Oil's 2% surge yesterday, in fact, helped the Dow Jones Industrial Average
Brent crude contracts for November delivery, the global benchmark, were seen 55 cents lower than their Wednesday close in New York and changing hands $78.85 a barrel after President Donald Trump Tweeted his displeasure with OPEC, while WTI contracts of the same month were marked 10 cents lower at $70.38 per barrel.
General Electric (GE) shares were a notable pre-market mover, falling more than 2% to trade at $12.60 each after JPMorgan analysts cut their rating on the struggling conglomerate amid concerns that a key gas turbine launch would hit the group's earnings.
Rising crude prices, thankfully for emerging market investors, have been offset by a fall in the U.S dollar index, which fell 0.7%to a two month low of 93.875 in overnight trading even as 10-year bond yields held at multi-month highs of around 3.072%, suggesting a decent measure of risk aversion remains in the market even as equity indices around the world continue to inch higher. Longer-term bond yields, which hit 3.248% yesterday, eased to 3.281% in the overnight session.
Yields: On the march! 10's above 3% again, this time without financial media concern. Watch 3.25% on 30's. Two closes above = game changer.— Jeffrey Gundlach (@TruthGundlach) September 19, 2018
European stocks were similarly cautious, but with a bullish tone, as the Stoxx 600 jumped 0.52% by mid-day in Frankfurt while benchmarks around the region carved out similar percentage gains with basic materials and financials leading the gains.
Britain's FTSE 100, whose constituents earn around 75% of their revenues from outside the U.K., slipped to a 0.13% gain as the pound climbed to 1.3280 against the dollar following a stronger-than-expected reading from August retail sales, which rose 3.3% from the same period last year.
In Asia, the MSCI ex-Japan index added 0.19%, despite a modestly slip for shares in China, while Japan's Nikkei 225 managed to post its four consecutive session gain -- barely -- with a 0.01% advance that followed the part re-election of Prime Minister Shinzo Abe, who is on track to be the country's longest-serving democratic leader when his term expires in 2019.

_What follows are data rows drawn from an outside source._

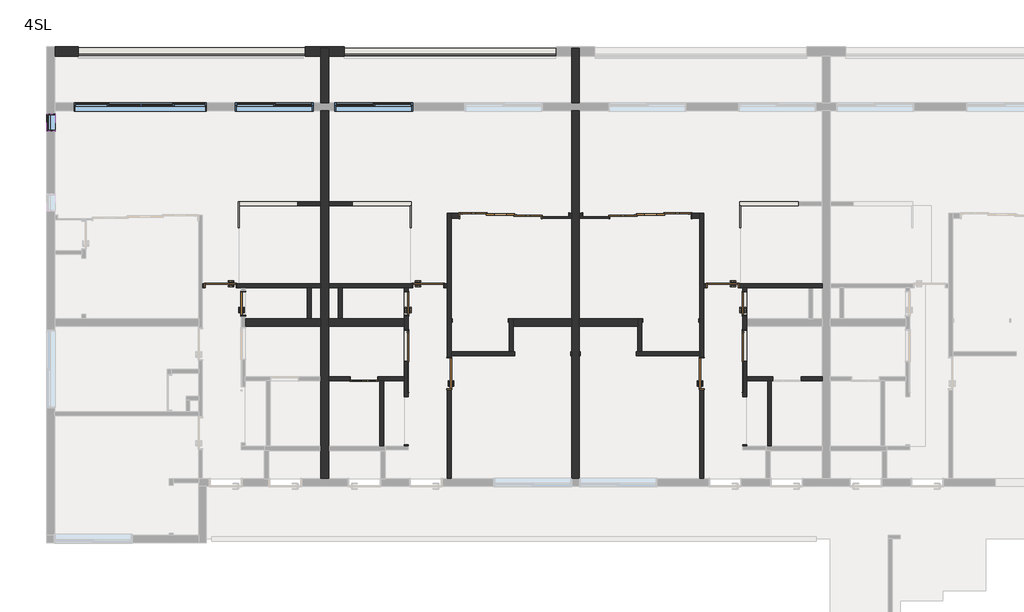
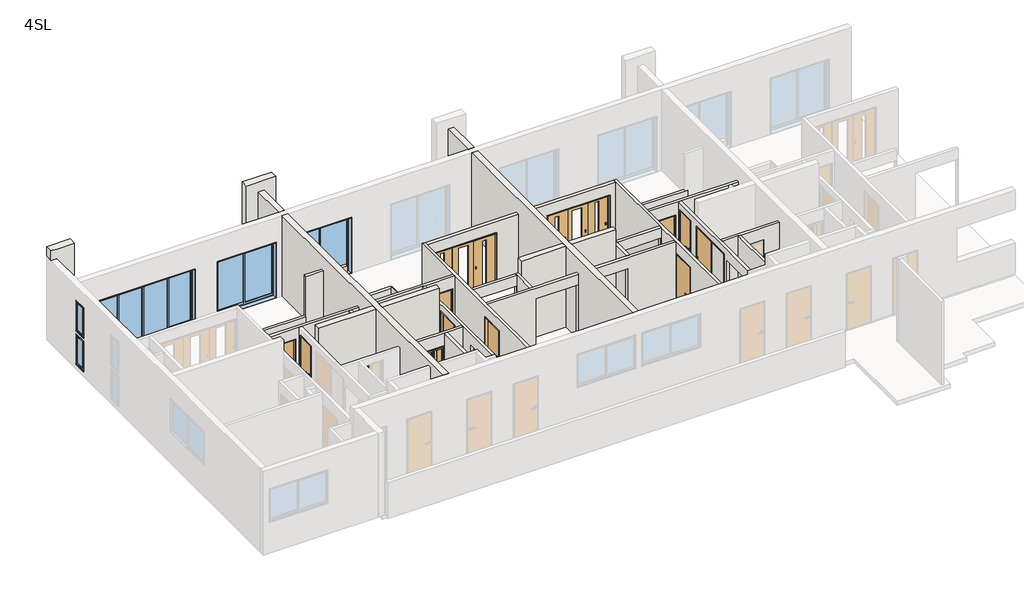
# One storey, part 2 of 3: 37 walls, 13 doors, 5 windows, 2 plates.
"""IFC4 building model written with IfcOpenShell, lengths in millimetres."""

from ifc_helpers import new_model, si_unit, frame, origin, place, context, project, spatial, polyline, outline, extrude, faceted_brep, transform, mapped, element, save
from components import door_a3db7c72, door_c7dcdbed, door_8f2de950, door_3b96e66a, door_aabc7979, door_3f60c47c, door_12b42705, door_31a51f76, door_d265da5f, system_panel_37aab131, system_panel_5692cc67, window_4c3e1407, window_a2a98c4b, window_ec430ee0, window_7edd47ae, w0450_h1100_93ba837a

model = new_model("IFC4")

# Units and contexts
model_context = context("Model", 3, world=origin())
ifc_project = project(units=[si_unit("LENGTHUNIT", "METRE", prefix="MILLI")], contexts=[model_context])

# Site, building, storey
site = spatial("IfcSite", under=ifc_project)
building = spatial("IfcBuilding", under=site)
storey = spatial("IfcBuildingStorey", under=building, Name="4SL", Elevation=10000.0)

# Doors
placement = place(None, origin())
door_shape = door_a3db7c72(model_context)
element("IfcDoor", 1, ObjectType="木製_片開き_フラッシュ : WD-2 w600h2000", at=placement, inside=storey, context=model_context, shape_type="MappedRepresentation", body=[
    mapped(door_shape, transform((-5645.6194095, 3696.254513, 10210.0), x_axis=(0.0, 1.0, 0.0), y_axis=(-1.0, 0.0, 0.0), z_axis=(0.0, 0.0, 1.0))),
])
element("IfcDoor", 2, ObjectType="木製_片開き_フラッシュ : WD-2 w600h2000", at=placement, inside=storey, context=model_context, shape_type="MappedRepresentation", body=[
    mapped(door_shape, transform((7254.3805905, 3696.254513, 10210.0), x_axis=(0.0, 1.0, 0.0), y_axis=(-1.0, 0.0, 0.0), z_axis=(0.0, 0.0, 1.0))),
])
door_2_shape = door_c7dcdbed(model_context)
element("IfcDoor", 3, ObjectType="木製_片開き_フラッシュ : WD-2 w600h2000", at=placement, inside=storey, context=model_context, shape_type="MappedRepresentation", body=[
    mapped(door_2_shape, transform((-1445.6194095, 3696.254513, 10210.0), x_axis=(0.0, 1.0, 0.0), y_axis=(-1.0, 0.0, 0.0), z_axis=(0.0, 0.0, 1.0))),
])
door_3_shape = door_8f2de950(model_context)
element("IfcDoor", 4, ObjectType="木製_片開き_フラッシュ : WD-1\u3000w800h2000", at=placement, inside=storey, context=model_context, shape_type="MappedRepresentation", body=[
    mapped(door_3_shape, transform((-6225.6194095, 4160.2598658, 10060.0), x_axis=(-1.0, 0.0, 0.0), y_axis=(0.0, -1.0, 0.0), z_axis=(0.0, 0.0, 1.0))),
])
element("IfcDoor", 5, ObjectType="木製_片開き_フラッシュ : WD-1\u3000w800h2000", at=placement, inside=storey, context=model_context, shape_type="MappedRepresentation", body=[
    mapped(door_3_shape, transform((-345.6194095, 1900.2598658, 10060.0), x_axis=(0.0, 1.0, 0.0), y_axis=(-1.0, 0.0, 0.0), z_axis=(0.0, 0.0, 1.0))),
])
element("IfcDoor", 6, ObjectType="木製_片開き_フラッシュ : WD-1\u3000w800h2000", at=placement, inside=storey, context=model_context, shape_type="MappedRepresentation", body=[
    mapped(door_3_shape, transform((6694.3805905, 4160.2598658, 10000.0), x_axis=(-1.0, 0.0, 0.0), y_axis=(0.0, -1.0, 0.0), z_axis=(0.0, 0.0, 1.0))),
])
door_4_shape = door_3b96e66a(model_context)
element("IfcDoor", 7, ObjectType="木製_片開き_フラッシュ : WD-1\u3000w800h2000", at=placement, inside=storey, context=model_context, shape_type="MappedRepresentation", body=[
    mapped(door_4_shape, transform((-885.6194095, 4160.2598658, 10000.0), x_axis=(1.0, 0.0, 0.0), y_axis=(0.0, 1.0, 0.0), z_axis=(0.0, 0.0, 1.0))),
])
element("IfcDoor", 8, ObjectType="木製_片開き_フラッシュ : WD-1\u3000w800h2000", at=placement, inside=storey, context=model_context, shape_type="MappedRepresentation", body=[
    mapped(door_4_shape, transform((6154.3805905, 1900.2598658, 10060.0), x_axis=(0.0, 1.0, 0.0), y_axis=(-1.0, 0.0, 0.0), z_axis=(0.0, 0.0, 1.0))),
])
door_5_shape = door_aabc7979(model_context)
element("IfcDoor", 9, ObjectType="木製_折戸2枚_フラッシュ(UB) : UB-1 w600h2000", at=placement, inside=storey, context=model_context, shape_type="MappedRepresentation", body=[
    mapped(door_5_shape, transform((-2535.6194095, 1760.2598658, 10000.0), x_axis=(-1.0, 0.0, 0.0), y_axis=(0.0, -1.0, 0.0), z_axis=(0.0, 0.0, 1.0))),
])
door_6_shape = door_3f60c47c(model_context)
element("IfcDoor", 10, ObjectType="木製_片引き_フラッシュ : WD-4 w800h2000", at=placement, inside=storey, context=model_context, shape_type="MappedRepresentation", body=[
    mapped(door_6_shape, transform((-1445.6194095, 2610.719009, 10210.0), x_axis=(0.0, -1.0, 0.0), y_axis=(1.0, 0.0, 0.0), z_axis=(0.0, 0.0, 1.0))),
])
door_7_shape = door_12b42705(model_context)
element("IfcDoor", 11, ObjectType="木製_片引き_フラッシュ : WD-4 w800h2000", at=placement, inside=storey, context=model_context, shape_type="MappedRepresentation", body=[
    mapped(door_7_shape, transform((7254.3805905, 2610.719009, 10210.0), x_axis=(0.0, -1.0, 0.0), y_axis=(1.0, 0.0, 0.0), z_axis=(0.0, 0.0, 1.0))),
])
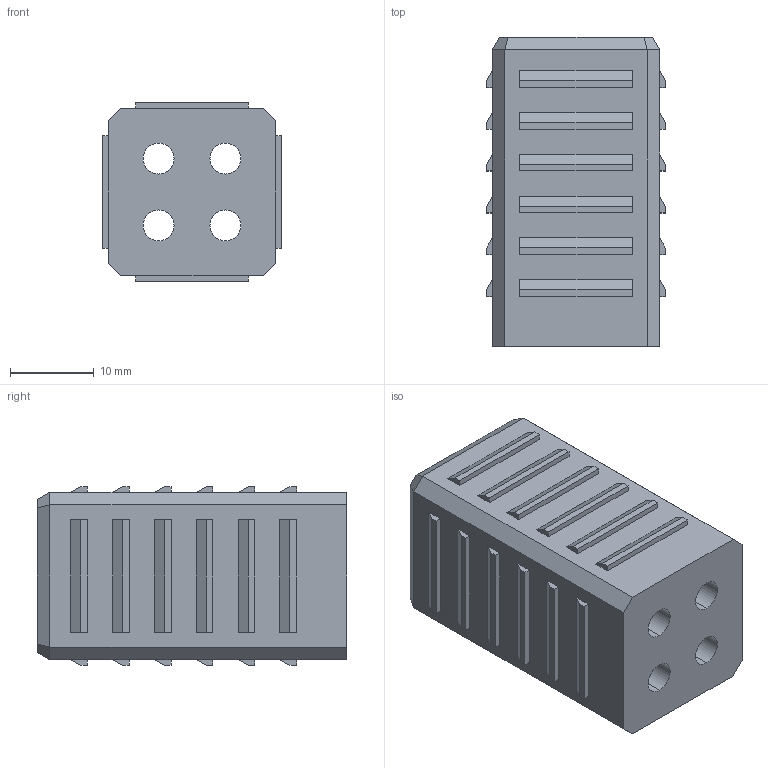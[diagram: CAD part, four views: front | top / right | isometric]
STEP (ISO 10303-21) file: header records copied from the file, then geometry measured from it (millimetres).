
FILE_DESCRIPTION (( 'STEP AP203' ), '1' );
FILE_NAME ('013.025.104.STEP', '2020-09-18T14:48:05', ( '' ), ( '' ), 'SwSTEP 2.0', 'SolidWorks 2018', '' );
FILE_SCHEMA (( 'CONFIG_CONTROL_DESIGN' ));
Length unit declared in the file: millimetre
Products named in the file (1): 013.025.104
Bounding box: 21.4 x 37 x 21.4 mm (x, y, z)
Volume: 7408.2 mm3; surface area: 6701.5 mm2
Topology: 1 solids, 1 shells, 204 faces, 520 edges, 344 vertices
Faces by surface type: plane 176, cylinder 28
Entity records: 6169 total; most frequent: CARTESIAN_POINT 1069, ORIENTED_EDGE 1040, DIRECTION 986, EDGE_CURVE 520, LINE 464, VECTOR 464, VERTEX_POINT 344, AXIS2_PLACEMENT_3D 261
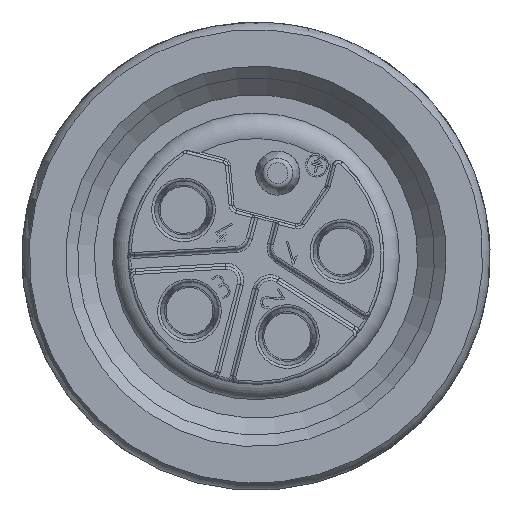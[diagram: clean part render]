
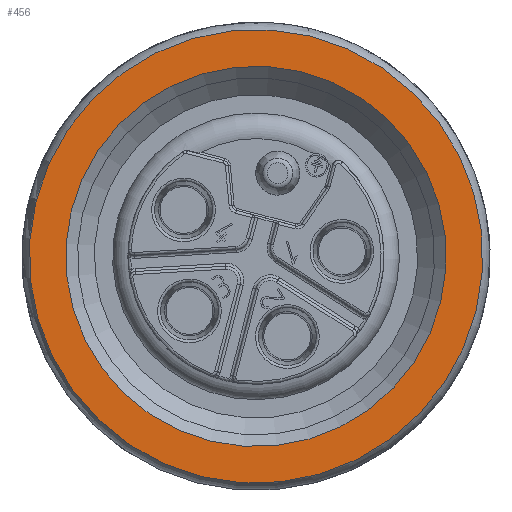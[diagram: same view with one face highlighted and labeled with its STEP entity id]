
A CAD part, left-side view. The second image highlights one B-rep face of the part: STEP entity #456.
In plain terms, the highlighted planar face has unit normal (-1, 0, 0).
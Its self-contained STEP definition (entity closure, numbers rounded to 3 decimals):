
#456 = ADVANCED_FACE( '', ( #1143, #1144 ), #1145, .T. );
#1143 = FACE_OUTER_BOUND( '', #2315, .T. );
#1144 = FACE_BOUND( '', #2316, .T. );
#1145 = PLANE( '', #2317 );
#2315 = EDGE_LOOP( '', ( #4223 ) );
#2316 = EDGE_LOOP( '', ( #4224 ) );
#2317 = AXIS2_PLACEMENT_3D( '', #4225, #4226, #4227 );
#4223 = ORIENTED_EDGE( '', *, *, #6564, .F. );
#4224 = ORIENTED_EDGE( '', *, *, #6478, .T. );
#4225 = CARTESIAN_POINT( '', ( -25., 7.398, 5.489 ) );
#4226 = DIRECTION( '', ( -1., 0., 0. ) );
#4227 = DIRECTION( '', ( 0., 1., 0. ) );
#6478 = EDGE_CURVE( '', #7548, #7548, #7549, .T. );
#6564 = EDGE_CURVE( '', #7682, #7682, #7683, .T. );
#7548 = VERTEX_POINT( '', #9171 );
#7549 = CIRCLE( '', #9172, 6.5 );
#7682 = VERTEX_POINT( '', #9392 );
#7683 = CIRCLE( '', #9393, 7.75 );
#9171 = CARTESIAN_POINT( '', ( -25., 6.66, 4.481 ) );
#9172 = AXIS2_PLACEMENT_3D( '', #11402, #11403, #11404 );
#9392 = CARTESIAN_POINT( '', ( -25., 7.398, 5.489 ) );
#9393 = AXIS2_PLACEMENT_3D( '', #11519, #11520, #11521 );
#11402 = CARTESIAN_POINT( '', ( -25., 2.822, -0.766 ) );
#11403 = DIRECTION( '', ( 1., 0., 0. ) );
#11404 = DIRECTION( '', ( 0., 0.59, 0.807 ) );
#11519 = CARTESIAN_POINT( '', ( -25., 2.822, -0.766 ) );
#11520 = DIRECTION( '', ( 1., 0., 0. ) );
#11521 = DIRECTION( '', ( 0., 0.59, 0.807 ) );

Certainly a portion of the bullish global market sentiment comes from the fact that the U.S. economy continues to extend its late-cycle advance, with the Atlanta Federal Reserve's GDPNow indicator pointing to a 4.4% third quarter growth rate.
Added to this is the fact that, while the Fed remains clear in its future interest rate signalling, other central banks around the world are largely constrained in their ability to tighten monetary policy, either based on economic (in the case of Japan or the United Kingdom) or political (in the case of the European Central Bank's monitoring of developments in Italy).
Piled on top of that, of course, is the estimated $11 trillion of excess central bank liquidity that continues to course its way through the veins of the global financial markets.